§ **Supplied data**

━━━

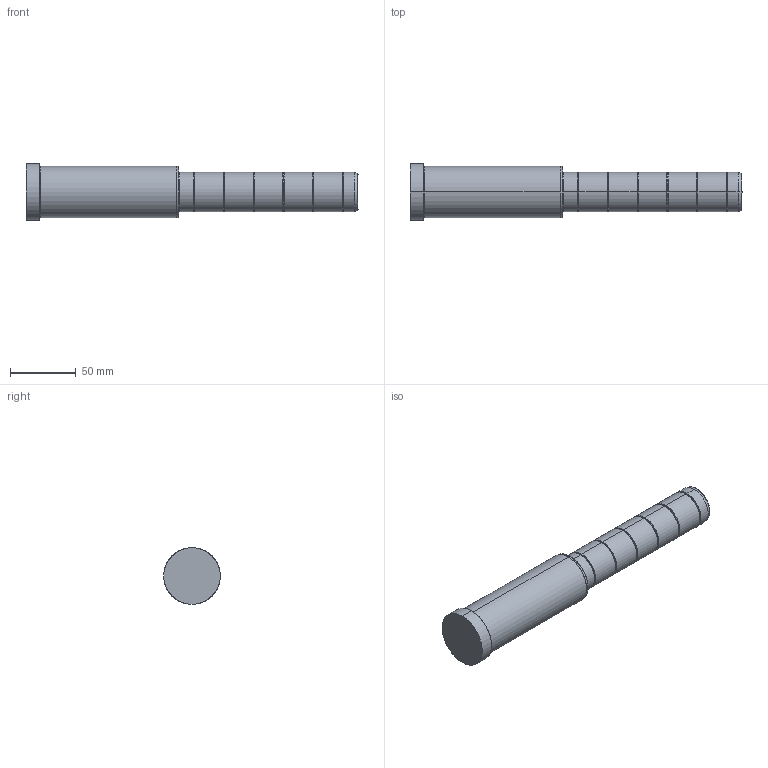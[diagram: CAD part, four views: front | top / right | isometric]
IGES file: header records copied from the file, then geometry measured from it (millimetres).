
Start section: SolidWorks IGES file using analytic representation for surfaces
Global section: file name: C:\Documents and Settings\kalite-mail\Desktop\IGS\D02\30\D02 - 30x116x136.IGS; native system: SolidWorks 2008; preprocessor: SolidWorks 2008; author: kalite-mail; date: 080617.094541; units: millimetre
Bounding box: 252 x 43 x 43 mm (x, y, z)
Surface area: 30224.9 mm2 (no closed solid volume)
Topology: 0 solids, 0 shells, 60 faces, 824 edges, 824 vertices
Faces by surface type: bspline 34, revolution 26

━━━

§ **Try it**
In the records above, find the line containing "IGES file: header"; please retype it and every line after it through the last line, exactly and with nothing else.

§ **Result of the task**
IGES file: header records copied from the file, then geometry measured from it (millimetres).
Start section: SolidWorks IGES file using analytic representation for surfaces
Global section: file name: C:\Documents and Settings\kalite-mail\Desktop\IGS\D02\30\D02 - 30x116x136.IGS; native system: SolidWorks 2008; preprocessor: SolidWorks 2008; author: kalite-mail; date: 080617.094541; units: millimetre
Bounding box: 252 x 43 x 43 mm (x, y, z)
Surface area: 30224.9 mm2 (no closed solid volume)
Topology: 0 solids, 0 shells, 60 faces, 824 edges, 824 vertices
Faces by surface type: bspline 34, revolution 26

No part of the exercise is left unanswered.